> Excerpted data:
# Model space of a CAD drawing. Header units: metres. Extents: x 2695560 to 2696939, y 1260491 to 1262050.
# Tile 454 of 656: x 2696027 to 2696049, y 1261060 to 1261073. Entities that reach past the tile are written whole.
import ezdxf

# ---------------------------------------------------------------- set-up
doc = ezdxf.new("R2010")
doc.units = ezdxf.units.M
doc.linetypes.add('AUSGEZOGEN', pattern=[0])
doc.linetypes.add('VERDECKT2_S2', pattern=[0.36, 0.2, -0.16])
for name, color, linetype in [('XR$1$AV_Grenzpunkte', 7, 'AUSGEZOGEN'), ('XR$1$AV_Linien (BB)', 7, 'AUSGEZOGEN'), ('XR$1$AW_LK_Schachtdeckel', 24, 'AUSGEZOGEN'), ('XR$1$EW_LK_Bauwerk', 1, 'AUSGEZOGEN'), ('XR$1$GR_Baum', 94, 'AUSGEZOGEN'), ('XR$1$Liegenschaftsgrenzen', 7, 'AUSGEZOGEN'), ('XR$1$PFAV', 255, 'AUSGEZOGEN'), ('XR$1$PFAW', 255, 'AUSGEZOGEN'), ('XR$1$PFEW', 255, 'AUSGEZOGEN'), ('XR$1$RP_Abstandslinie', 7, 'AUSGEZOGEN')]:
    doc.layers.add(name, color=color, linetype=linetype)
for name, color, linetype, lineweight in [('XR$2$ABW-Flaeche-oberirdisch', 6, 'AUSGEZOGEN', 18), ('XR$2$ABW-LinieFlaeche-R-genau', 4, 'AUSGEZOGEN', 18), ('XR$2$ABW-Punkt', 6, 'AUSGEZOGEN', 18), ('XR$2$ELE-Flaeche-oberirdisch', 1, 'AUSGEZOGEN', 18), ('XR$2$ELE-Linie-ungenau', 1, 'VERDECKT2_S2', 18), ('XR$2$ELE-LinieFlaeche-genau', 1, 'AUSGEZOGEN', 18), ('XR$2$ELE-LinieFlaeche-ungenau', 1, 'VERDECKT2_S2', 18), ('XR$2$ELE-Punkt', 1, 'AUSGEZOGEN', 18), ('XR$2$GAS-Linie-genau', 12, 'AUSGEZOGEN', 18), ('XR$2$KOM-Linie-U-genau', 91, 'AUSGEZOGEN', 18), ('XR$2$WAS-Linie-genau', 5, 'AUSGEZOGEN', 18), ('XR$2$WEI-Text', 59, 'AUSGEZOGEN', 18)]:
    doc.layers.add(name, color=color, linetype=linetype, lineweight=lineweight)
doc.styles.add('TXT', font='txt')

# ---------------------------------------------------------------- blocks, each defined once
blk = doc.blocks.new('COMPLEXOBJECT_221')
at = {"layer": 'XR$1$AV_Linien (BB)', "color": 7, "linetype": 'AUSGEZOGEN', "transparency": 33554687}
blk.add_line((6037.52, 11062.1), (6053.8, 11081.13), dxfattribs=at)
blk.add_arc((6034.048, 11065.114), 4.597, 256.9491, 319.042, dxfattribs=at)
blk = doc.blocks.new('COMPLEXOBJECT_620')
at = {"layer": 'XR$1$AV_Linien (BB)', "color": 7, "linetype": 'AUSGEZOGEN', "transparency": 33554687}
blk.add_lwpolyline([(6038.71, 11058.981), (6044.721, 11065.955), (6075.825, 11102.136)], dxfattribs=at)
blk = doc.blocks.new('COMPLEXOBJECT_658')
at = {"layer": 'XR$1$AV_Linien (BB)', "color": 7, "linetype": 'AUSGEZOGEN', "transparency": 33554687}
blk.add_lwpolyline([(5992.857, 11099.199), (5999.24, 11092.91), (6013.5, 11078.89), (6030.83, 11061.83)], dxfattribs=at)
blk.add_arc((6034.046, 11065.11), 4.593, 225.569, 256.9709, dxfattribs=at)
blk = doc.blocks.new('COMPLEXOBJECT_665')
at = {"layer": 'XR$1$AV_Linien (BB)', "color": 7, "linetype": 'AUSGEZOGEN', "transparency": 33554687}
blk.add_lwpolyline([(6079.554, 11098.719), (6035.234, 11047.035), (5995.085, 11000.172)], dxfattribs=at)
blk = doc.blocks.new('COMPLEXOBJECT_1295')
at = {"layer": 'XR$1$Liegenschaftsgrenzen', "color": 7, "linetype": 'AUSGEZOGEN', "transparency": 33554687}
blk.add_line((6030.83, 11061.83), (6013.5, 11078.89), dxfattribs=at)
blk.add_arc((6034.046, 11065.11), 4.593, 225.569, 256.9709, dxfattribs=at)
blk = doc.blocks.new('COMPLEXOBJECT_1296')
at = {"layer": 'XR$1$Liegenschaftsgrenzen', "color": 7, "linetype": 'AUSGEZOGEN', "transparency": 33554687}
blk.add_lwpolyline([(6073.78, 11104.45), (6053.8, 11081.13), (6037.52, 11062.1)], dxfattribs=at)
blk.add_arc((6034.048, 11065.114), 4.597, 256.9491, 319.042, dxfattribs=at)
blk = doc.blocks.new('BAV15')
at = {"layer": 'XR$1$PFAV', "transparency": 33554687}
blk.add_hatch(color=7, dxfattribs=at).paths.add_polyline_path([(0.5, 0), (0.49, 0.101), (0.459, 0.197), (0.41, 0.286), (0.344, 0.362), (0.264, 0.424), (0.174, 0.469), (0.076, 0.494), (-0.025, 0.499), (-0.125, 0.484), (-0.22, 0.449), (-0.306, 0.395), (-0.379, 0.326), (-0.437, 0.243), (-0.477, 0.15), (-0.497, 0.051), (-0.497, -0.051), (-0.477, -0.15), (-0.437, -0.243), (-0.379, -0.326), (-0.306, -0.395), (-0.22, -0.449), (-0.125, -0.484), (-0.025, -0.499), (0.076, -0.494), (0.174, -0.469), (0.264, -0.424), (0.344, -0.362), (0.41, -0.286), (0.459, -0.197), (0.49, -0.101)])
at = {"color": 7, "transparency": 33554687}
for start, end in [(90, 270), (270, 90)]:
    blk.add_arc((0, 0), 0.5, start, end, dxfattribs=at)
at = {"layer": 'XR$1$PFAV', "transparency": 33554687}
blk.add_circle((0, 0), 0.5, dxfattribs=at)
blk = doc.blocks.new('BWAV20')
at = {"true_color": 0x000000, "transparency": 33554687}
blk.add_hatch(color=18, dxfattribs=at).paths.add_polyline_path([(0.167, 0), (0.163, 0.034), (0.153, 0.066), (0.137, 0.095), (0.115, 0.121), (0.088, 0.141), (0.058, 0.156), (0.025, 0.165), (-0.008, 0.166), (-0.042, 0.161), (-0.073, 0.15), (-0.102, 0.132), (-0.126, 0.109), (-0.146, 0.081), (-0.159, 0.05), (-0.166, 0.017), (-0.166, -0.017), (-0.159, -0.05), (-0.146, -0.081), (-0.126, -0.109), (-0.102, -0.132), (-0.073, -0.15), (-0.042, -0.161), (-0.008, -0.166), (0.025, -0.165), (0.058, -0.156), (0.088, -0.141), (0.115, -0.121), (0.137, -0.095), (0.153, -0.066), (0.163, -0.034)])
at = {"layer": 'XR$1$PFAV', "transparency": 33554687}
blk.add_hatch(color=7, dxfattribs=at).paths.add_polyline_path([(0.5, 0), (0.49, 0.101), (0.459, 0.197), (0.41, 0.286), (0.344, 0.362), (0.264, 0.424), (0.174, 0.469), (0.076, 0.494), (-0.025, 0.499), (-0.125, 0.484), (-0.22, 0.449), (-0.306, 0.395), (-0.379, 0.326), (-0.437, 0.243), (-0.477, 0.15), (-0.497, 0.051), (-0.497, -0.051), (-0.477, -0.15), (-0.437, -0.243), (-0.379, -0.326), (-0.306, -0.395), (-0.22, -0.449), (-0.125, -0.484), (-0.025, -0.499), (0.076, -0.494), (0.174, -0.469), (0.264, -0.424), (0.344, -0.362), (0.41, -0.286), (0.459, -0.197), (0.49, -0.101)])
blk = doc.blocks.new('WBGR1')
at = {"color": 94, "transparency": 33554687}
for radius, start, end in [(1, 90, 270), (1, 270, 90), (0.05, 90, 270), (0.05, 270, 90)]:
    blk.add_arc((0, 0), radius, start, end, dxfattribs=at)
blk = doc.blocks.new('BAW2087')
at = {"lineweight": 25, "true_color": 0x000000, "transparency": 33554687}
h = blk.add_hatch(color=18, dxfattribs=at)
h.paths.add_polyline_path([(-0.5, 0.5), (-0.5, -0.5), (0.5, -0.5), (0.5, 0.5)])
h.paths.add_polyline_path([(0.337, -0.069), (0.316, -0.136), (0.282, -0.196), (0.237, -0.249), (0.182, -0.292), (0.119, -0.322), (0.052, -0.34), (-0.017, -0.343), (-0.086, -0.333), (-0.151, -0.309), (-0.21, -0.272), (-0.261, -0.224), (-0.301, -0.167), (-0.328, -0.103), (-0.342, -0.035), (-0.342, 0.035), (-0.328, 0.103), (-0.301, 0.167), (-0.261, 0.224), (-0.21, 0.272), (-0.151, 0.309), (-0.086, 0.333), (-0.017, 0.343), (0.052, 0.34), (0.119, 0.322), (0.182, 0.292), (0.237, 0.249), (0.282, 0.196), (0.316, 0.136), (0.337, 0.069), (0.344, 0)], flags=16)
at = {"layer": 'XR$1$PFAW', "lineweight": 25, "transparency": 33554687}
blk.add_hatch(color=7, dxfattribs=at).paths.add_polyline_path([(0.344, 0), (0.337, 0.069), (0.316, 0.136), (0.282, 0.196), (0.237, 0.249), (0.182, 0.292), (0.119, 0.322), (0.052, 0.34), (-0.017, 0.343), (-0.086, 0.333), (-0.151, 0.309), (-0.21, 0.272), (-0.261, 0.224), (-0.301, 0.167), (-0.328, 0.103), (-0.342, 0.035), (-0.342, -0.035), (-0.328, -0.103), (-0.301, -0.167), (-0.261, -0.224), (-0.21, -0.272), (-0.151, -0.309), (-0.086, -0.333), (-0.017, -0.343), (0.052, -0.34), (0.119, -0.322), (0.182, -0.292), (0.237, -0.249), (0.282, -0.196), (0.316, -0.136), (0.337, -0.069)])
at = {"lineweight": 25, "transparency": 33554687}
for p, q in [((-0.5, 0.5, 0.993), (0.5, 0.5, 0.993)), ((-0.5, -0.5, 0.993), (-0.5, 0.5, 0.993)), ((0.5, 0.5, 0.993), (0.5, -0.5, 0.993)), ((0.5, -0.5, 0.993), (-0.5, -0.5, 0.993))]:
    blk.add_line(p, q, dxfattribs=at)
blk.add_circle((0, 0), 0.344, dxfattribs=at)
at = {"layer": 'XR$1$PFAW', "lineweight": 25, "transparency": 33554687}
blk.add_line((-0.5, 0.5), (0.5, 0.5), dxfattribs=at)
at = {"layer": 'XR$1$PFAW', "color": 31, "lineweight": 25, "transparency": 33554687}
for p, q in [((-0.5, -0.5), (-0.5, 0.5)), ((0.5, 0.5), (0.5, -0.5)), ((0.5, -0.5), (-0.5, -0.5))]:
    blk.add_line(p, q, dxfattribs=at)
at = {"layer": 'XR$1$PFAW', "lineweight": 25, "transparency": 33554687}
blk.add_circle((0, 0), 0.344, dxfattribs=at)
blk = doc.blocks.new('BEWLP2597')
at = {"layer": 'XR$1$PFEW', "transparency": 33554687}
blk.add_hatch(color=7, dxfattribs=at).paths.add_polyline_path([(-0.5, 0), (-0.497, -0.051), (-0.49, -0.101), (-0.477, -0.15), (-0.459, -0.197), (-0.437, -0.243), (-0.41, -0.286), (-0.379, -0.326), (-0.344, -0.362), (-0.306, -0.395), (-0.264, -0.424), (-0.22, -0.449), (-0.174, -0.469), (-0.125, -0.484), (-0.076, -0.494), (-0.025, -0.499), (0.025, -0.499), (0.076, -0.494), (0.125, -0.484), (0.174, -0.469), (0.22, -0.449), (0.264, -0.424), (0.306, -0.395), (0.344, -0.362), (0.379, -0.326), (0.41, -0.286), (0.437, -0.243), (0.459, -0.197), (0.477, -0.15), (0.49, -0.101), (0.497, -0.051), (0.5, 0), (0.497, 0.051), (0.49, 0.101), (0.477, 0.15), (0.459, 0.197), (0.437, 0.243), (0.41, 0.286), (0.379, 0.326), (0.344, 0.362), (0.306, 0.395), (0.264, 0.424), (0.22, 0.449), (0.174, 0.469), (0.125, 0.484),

> Aim of the exercise:
Which lines of the data include the string "start"? Find them and copy each one.

> Answer to this exercise:
for start, end in [(90, 270), (270, 90)]:
    blk.add_arc((0, 0), 0.5, start, end, dxfattribs=at)
for radius, start, end in [(1, 90, 270), (1, 270, 90), (0.05, 90, 270), (0.05, 270, 90)]:
    blk.add_arc((0, 0), radius, start, end, dxfattribs=at)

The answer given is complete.